Data excerpts:
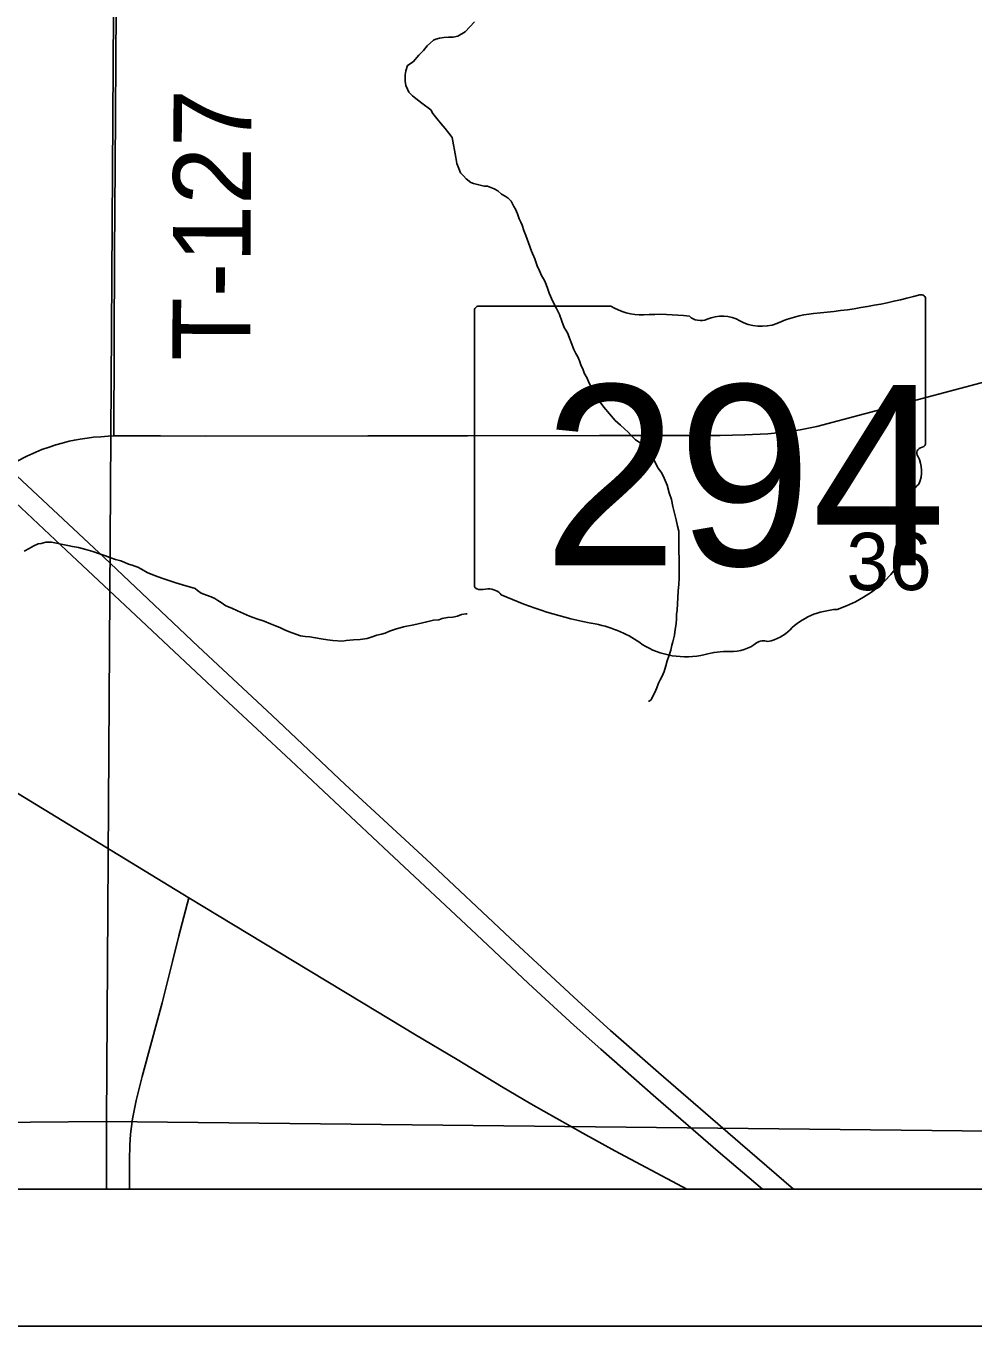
# Model space of a CAD drawing. Extents: x -17 to 88, y -5 to 22.
# Drawn here: x 7.649 to 8.342, y 14 to 14.95 of the extents above; entities that cross this region are included whole.
import ezdxf

# ---------------------------------------------------------------- set-up
doc = ezdxf.new("R2010")
doc.units = 0
for name, color, linetype in [('GM_X_County_Road', 7, 'Continuous'), ('GM_X_Minor_River', 7, 'Continuous'), ('GM_X_Section', 7, 'Continuous'), ('GM_X_Section_Text', 7, 'Continuous'), ('GM_X_State_Location', 7, 'Continuous'), ('GM_X_State_Route', 7, 'Continuous'), ('GM_X_State_Shield', 7, 'Continuous'), ('GM_X_Township', 7, 'Continuous'), ('GM_X_Township_Road', 7, 'Continuous'), ('GM_X_Township_Road_Text', 7, 'Continuous'), ('GM_X_US_Route', 7, 'Continuous'), ('SH_Data', 7, 'Continuous')]:
    doc.layers.add(name, color=color, linetype=linetype)

msp = doc.modelspace()

# ---------------------------------------------------------------- linework, layer by layer
at = {"layer": 'GM_X_County_Road'}
for points in [[(7.7683, 14.3128), (7.68455, 14.36403), (7.63944, 14.3915), (7.57509, 14.43041), (7.52832, 14.45879), (7.49286, 14.4806), (7.46153, 14.49967), (7.44626, 14.5093), (7.43495, 14.51702), (7.42537, 14.52397), (7.41704, 14.53053), (7.40994, 14.53663), (7.4022, 14.54388), (7.39527, 14.55107), (7.38752, 14.56003), (7.37898, 14.57075), (7.36625, 14.58763), (7.34919, 14.61056), (7.33354, 14.63148), (7.3224, 14.64718), (7.31914, 14.65159)], [(8.13196, 14.1), (8.1287, 14.10178), (8.0793, 14.12803), (8.05591, 14.14098), (8.01804, 14.16243), (7.99663, 14.17509), (7.96416, 14.19465), (7.93373, 14.21279), (7.89546, 14.23597), (7.85555, 14.26006), (7.7683, 14.3128)]]:
    msp.add_lwpolyline(points, dxfattribs=at)
at = {"layer": 'GM_X_Minor_River'}
for points in [[(7.97674, 14.95273), (7.96992, 14.94552), (7.9646, 14.94248), (7.96119, 14.94172), (7.95778, 14.94172), (7.95436, 14.94134), (7.95133, 14.94096), (7.94867, 14.9402), (7.94677, 14.93944), (7.94222, 14.93526), (7.93957, 14.93184), (7.93615, 14.92842), (7.93198, 14.92349), (7.92781, 14.92083), (7.92667, 14.91703), (7.92629, 14.91399), (7.92629, 14.91171), (7.92629, 14.90944), (7.92667, 14.9064), (7.92781, 14.90374), (7.92895, 14.90146), (7.9316, 14.89881), (7.93388, 14.89691), (7.93616, 14.89501), (7.93844, 14.89349), (7.94033, 14.89197), (7.94299, 14.89007), (7.94489, 14.88856), (7.94641, 14.8859), (7.94944, 14.8821), (7.95248, 14.8783), (7.95552, 14.87488), (7.95817, 14.87147), (7.96045, 14.86843), (7.96311, 14.85362), (7.96387, 14.84945), (7.96539, 14.84565), (7.96653, 14.84261), (7.96881, 14.84033), (7.97071, 14.83805), (7.97412, 14.8354), (7.97602, 14.83464), (7.97905, 14.83388), (7.98095, 14.8335), (7.98399, 14.83274), (7.98626, 14.83274), (7.9912, 14.83084), (7.99385, 14.82932), (7.99651, 14.82704), (7.99917, 14.82553), (8.00144, 14.82401), (8.00372, 14.82173), (8.00562, 14.81793), (8.00676, 14.81603), (8.00828, 14.81262), (8.00942, 14.80882), (8.01056, 14.80654), (8.0117, 14.80426), (8.01283, 14.80047), (8.01435, 14.79667), (8.01625, 14.79135), (8.01853, 14.78528), (8.02081, 14.77958), (8.02271, 14.77465), (8.02423, 14.77085), (8.02612, 14.76705), (8.02764, 14.76439), (8.02878, 14.76212), (8.02992, 14.75908), (8.03144, 14.75452)], [(8.03144, 14.75452), (8.0341, 14.74845), (8.03675, 14.74351), (8.03903, 14.73895), (8.04055, 14.73402), (8.04245, 14.72946), (8.04473, 14.72566), (8.04929, 14.71351), (8.0508, 14.71048), (8.05232, 14.7082), (8.05346, 14.70516), (8.0546, 14.70212), (8.05612, 14.6987), (8.05726, 14.69567), (8.05878, 14.69301), (8.06067, 14.68883), (8.0622, 14.6858), (8.06371, 14.68276), (8.06561, 14.67972), (8.06789, 14.67592), (8.07131, 14.67137), (8.07548, 14.66643), (8.07966, 14.66149), (8.08345, 14.65808), (8.08649, 14.65542), (8.08914, 14.65314), (8.09142, 14.65048), (8.09446, 14.64745), (8.09863, 14.64479), (8.10091, 14.64251), (8.10281, 14.63985), (8.10509, 14.6372), (8.10698, 14.63454), (8.1085, 14.6315), (8.11078, 14.62694), (8.11306, 14.62391), (8.11458, 14.62125), (8.1161, 14.61783), (8.11761, 14.61441), (8.11913, 14.60872), (8.12065, 14.60378), (8.12179, 14.59885), (8.12293, 14.59391), (8.12407, 14.58897), (8.12521, 14.58442), (8.12597, 14.58062), (8.12597, 14.57492), (8.12597, 14.56923), (8.12597, 14.56543), (8.12636, 14.56125), (8.12636, 14.55745), (8.12636, 14.55404), (8.12636, 14.54986), (8.12636, 14.54644), (8.12598, 14.54189), (8.1256, 14.53695), (8.12485, 14.5229), (8.12447, 14.51986), (8.12447, 14.51682), (8.12409, 14.51303), (8.12334, 14.50885), (8.12296, 14.50467), (8.12182, 14.49974), (8.12106, 14.49746), (8.1203, 14.49366), (8.11879, 14.48948), (8.11765, 14.48606), (8.11651, 14.48227), (8.11538, 14.47809), (8.11386, 14.47467), (8.11234, 14.47201), (8.1112, 14.46974), (8.11007, 14.46632), (8.10855, 14.4629), (8.10703, 14.46024), (8.10589, 14.45758), (8.10438, 14.45644), (8.104, 14.45682)], [(7.64787, 14.56612), (7.65167, 14.56802), (7.65508, 14.56992), (7.65811, 14.57144), (7.66039, 14.57182), (7.66381, 14.57258), (7.66798, 14.57258), (7.67974, 14.5703), (7.68316, 14.56954), (7.68771, 14.56878), (7.69302, 14.56727), (7.69796, 14.56575), (7.70289, 14.56423), (7.70744, 14.56271), (7.71048, 14.56157), (7.71465, 14.56006), (7.71845, 14.55892), (7.72149, 14.55778), (7.72414, 14.55664), (7.7268, 14.55588), (7.7287, 14.55512), (7.73097, 14.55436), (7.73363, 14.55284)], [(7.73363, 14.55284), (7.7378, 14.55056), (7.74312, 14.54829), (7.74919, 14.54601), (7.75867, 14.54297), (7.76589, 14.5407), (7.77044, 14.53956), (7.77271, 14.5388), (7.77461, 14.53728), (7.77727, 14.53538), (7.78106, 14.53386), (7.78448, 14.53272), (7.78714, 14.53158), (7.78941, 14.53007), (7.79169, 14.52855), (7.7951, 14.52627), (7.79966, 14.52437), (7.80383, 14.52247), (7.80801, 14.52057), (7.81256, 14.51868), (7.81788, 14.51678), (7.82319, 14.51488), (7.82774, 14.51298), (7.83154, 14.51146), (7.83457, 14.51033), (7.83761, 14.50881), (7.84102, 14.50729), (7.84634, 14.50539), (7.84975, 14.50425), (7.85317, 14.50387), (7.85658, 14.50349), (7.86076, 14.50274), (7.86493, 14.50198), (7.86948, 14.50122), (7.87328, 14.50084), (7.88049, 14.50046), (7.88314, 14.50084), (7.88846, 14.50122), (7.89339, 14.5016), (7.89832, 14.50236), (7.90212, 14.5035), (7.90553, 14.50464), (7.90894, 14.5054), (7.9116, 14.50616), (7.91464, 14.50768), (7.91919, 14.5092), (7.92488, 14.51072), (7.93247, 14.51224), (7.94196, 14.51452), (7.94689, 14.51566), (7.95068, 14.51604), (7.95334, 14.5168), (7.95713, 14.51756), (7.96093, 14.51794), (7.96434, 14.5187), (7.96738, 14.51984), (7.97041, 14.52022), (7.97155, 14.52022)]]:
    msp.add_lwpolyline(points, dxfattribs=at)
at = {"layer": 'GM_X_Section'}
for p, q in [((6.70958, 14.1), (7.70796, 14.1)), ((7.70796, 14.1), (8.7123, 14.1))]:
    msp.add_line(p, q, dxfattribs=at)
for points in [[(6.71014, 15.14163), (7.71436, 15.15219), (7.70793, 14.14937), (6.70992, 14.1406)], [(7.71436, 15.15219), (8.72055, 15.1393), (8.71261, 14.13838), (7.70793, 14.14937)]]:
    msp.add_lwpolyline(points, close=True, dxfattribs=at)
for points in [[(7.70796, 14.1), (7.70793, 14.14937), (6.70992, 14.1406), (6.70958, 14.1)], [(8.7123, 14.1), (8.71261, 14.13838), (7.70793, 14.14937), (7.70796, 14.1)]]:
    msp.add_lwpolyline(points, dxfattribs=at)
at = {"layer": 'GM_X_State_Route'}
for points in [[(7.72537, 14.65046), (7.74739, 14.65031), (7.78033, 14.65023), (7.89904, 14.65037), (7.97174, 14.65044), (8.06807, 14.65059), (8.11282, 14.65049), (8.15633, 14.65064), (8.17437, 14.651), (8.19117, 14.65184), (8.20359, 14.65298), (8.2147, 14.65464), (8.22689, 14.65729), (8.26174, 14.66654), (8.33142, 14.68505), (8.38068, 14.69812)], [(7.63523, 14.62805), (7.64979, 14.6354), (7.65646, 14.63845), (7.66073, 14.64026), (7.66616, 14.64215), (7.67101, 14.64371), (7.67577, 14.64511), (7.68079, 14.64643), (7.68465, 14.64725), (7.68885, 14.648), (7.69394, 14.64874), (7.69863, 14.64931), (7.70381, 14.64972), (7.70932, 14.65005), (7.71336, 14.65025), (7.72254, 14.65047), (7.72537, 14.65046)]]:
    msp.add_lwpolyline(points, dxfattribs=at)
at = {"layer": 'GM_X_State_Shield'}
for p, q in [((7.97675, 14.74168), (7.97675, 14.54156)), ((8.07652, 14.74513), (7.98, 14.74513)), ((8.30634, 14.6454), (8.30634, 14.75008)), ((8.3063, 14.64542), (8.30634, 14.6454))]:
    msp.add_line(p, q, dxfattribs=at)
for centre, major_axis, start_param, end_param in [((8.18893, 15.01796), (0.34952, 0), 4.814394, 5.042369), ((8.30268, 14.75052), (0.00367, 0), 6.141152, 7.989035), ((7.98053, 14.74211), (0.00382, 0), 1.712693, 3.28349), ((8.0995, 14.76836), (0.03703, 0), 4.042523, 4.731795), ((8.11178, 14.63278), (0.13295, 0), 1.404758, 1.657858), ((8.14197, 14.74315), (0.01068, 0), 3.836095, 5.185415), ((8.15765, 14.72002), (0.02221, 0), 0.950623, 2.079405), ((8.18632, 14.75174), (0.02672, 0), 4.081561, 5.145723), ((8.23352, 14.684), (0.07032, 0), 1.699011, 2.107814), ((8.30549, 14.63771), (0.00568, 0), 1.883978, 3.671073), ((8.30242, 14.64499), (0.00393, 0), 5.05454, 6.418171), ((8.26936, 14.62448), (0.03409, 0), 5.934695, 6.695948), ((8.31948, 14.60159), (0.0248, 0), 2.387724, 3.262537), ((8.20851, 14.58827), (0.08742, 0), 5.101752, 6.440018), ((7.98056, 14.54112), (0.00385, 0), 3.00124, 4.508301), ((7.98115, 14.5616), (0.0294, 0), 4.665946, 4.897461), ((7.98716, 14.53002), (0.0106, 0), 0.519207, 1.627899), ((8.12099, 14.70982), (0.2524, 0), 4.195997, 4.488961), ((8.24537, 14.48538), (0.04788, 0), 1.647645, 2.488434), ((8.04574, 14.45166), (0.07897, 0), 0.823519, 1.323587), ((8.18471, 14.52217), (0.02824, 0), 4.937069, 5.64225), ((8.13115, 14.52902), (0.05011, 0), 4.026481, 4.996735), ((8.16376, 14.51404), (0.0267, 0), 4.691044, 5.507374), ((8.18792, 14.49466), (0.00752, 0), 1.147584, 2.315152), ((8.1601, 14.45983), (0.04118, 0), 1.495662, 1.94098)]:
    msp.add_ellipse(centre, major_axis=major_axis, ratio=0.8, start_param=start_param, end_param=end_param, dxfattribs=at)
at = {"layer": 'GM_X_Township'}
msp.add_line((2.60501, 14.1), (8.70899, 14.1), dxfattribs=at)
at = {"layer": 'GM_X_Township_Road'}
for points in [[(7.71336, 14.65025), (7.71386, 14.78366), (7.71427, 14.84766), (7.71511, 14.96262), (7.7155, 15.01979), (7.71649, 15.11362), (7.71707, 15.2118), (7.71711, 15.28948), (7.71703, 15.32242), (7.71688, 15.35933)], [(7.72476, 14.1), (7.72476, 14.10346), (7.72473, 14.1215), (7.72508, 14.13207), (7.72565, 14.14014), (7.72694, 14.15128), (7.72963, 14.16473), (7.7341, 14.1822), (7.74099, 14.20739), (7.7486, 14.23622), (7.75617, 14.26635), (7.76091, 14.28503), (7.7683, 14.3128)]]:
    msp.add_lwpolyline(points, dxfattribs=at)
at = {"layer": 'GM_X_US_Route'}
for points in [[(8.18722, 14.1), (8.15487, 14.12747), (8.10929, 14.16692), (8.06913, 14.20218), (8.04971, 14.21961), (8.01633, 14.25032), (7.97828, 14.28606), (7.91432, 14.34597), (7.87858, 14.37963), (7.8427, 14.41316), (7.79356, 14.45888), (7.7334, 14.51556), (7.67889, 14.56647), (7.62055, 14.62121), (7.56741, 14.67109), (7.51901, 14.71669), (7.47864, 14.75451), (7.42288, 14.8068), (7.38192, 14.8449), (7.34343, 14.88107), (7.29384, 14.92814), (7.22063, 14.99635)], [(8.2099, 14.1), (8.17081, 14.13359), (8.11111, 14.18522), (8.07609, 14.21601), (8.05255, 14.23728), (8.00285, 14.28332), (7.94178, 14.34086), (7.88247, 14.39574), (7.82911, 14.44605), (7.77501, 14.49649), (7.70643, 14.56146), (7.63523, 14.62805)]]:
    msp.add_lwpolyline(points, dxfattribs=at)
at = {"layer": 'SH_Data'}
for p, q in [((2.6, 14.1), (9.4, 14.1)), ((2.5, 14), (9.5, 14))]:
    msp.add_line(p, q, dxfattribs=at)

# ---------------------------------------------------------------- texts
at = {"layer": 'GM_X_Section_Text'}
msp.add_text('36', height=0.041856, rotation=0.00001, dxfattribs=at).set_placement((8.24848, 14.53765))
at = {"layer": 'GM_X_State_Location'}
for s in ['s', 'r']:
    msp.add_text(s, height=0.000189, dxfattribs=at).set_placement((8.13784, 14.62832))
msp.add_text('294', height=0.000189, rotation=0.00001, dxfattribs=at).set_placement((8.07098, 14.61454))
at = {"layer": 'GM_X_State_Shield'}
msp.add_text('294', height=0.131836, dxfattribs=at).set_placement((8.02708, 14.55567))
at = {"layer": 'GM_X_Township_Road_Text'}
msp.add_text('T-127', height=0.056818, rotation=89.7281, dxfattribs=at).set_placement((7.81293, 14.70502))

doc.saveas('drawing.dxf')

#### The task
All that is needed is an exact copy of the lines from the top of the entries through the line containing "doc.units = 0", pictures left out.

#### Response
# Model space of a CAD drawing. Extents: x -17 to 88, y -5 to 22.
# Drawn here: x 7.649 to 8.342, y 14 to 14.95 of the extents above; entities that cross this region are included whole.
import ezdxf

# ---------------------------------------------------------------- set-up
doc = ezdxf.new("R2010")
doc.units = 0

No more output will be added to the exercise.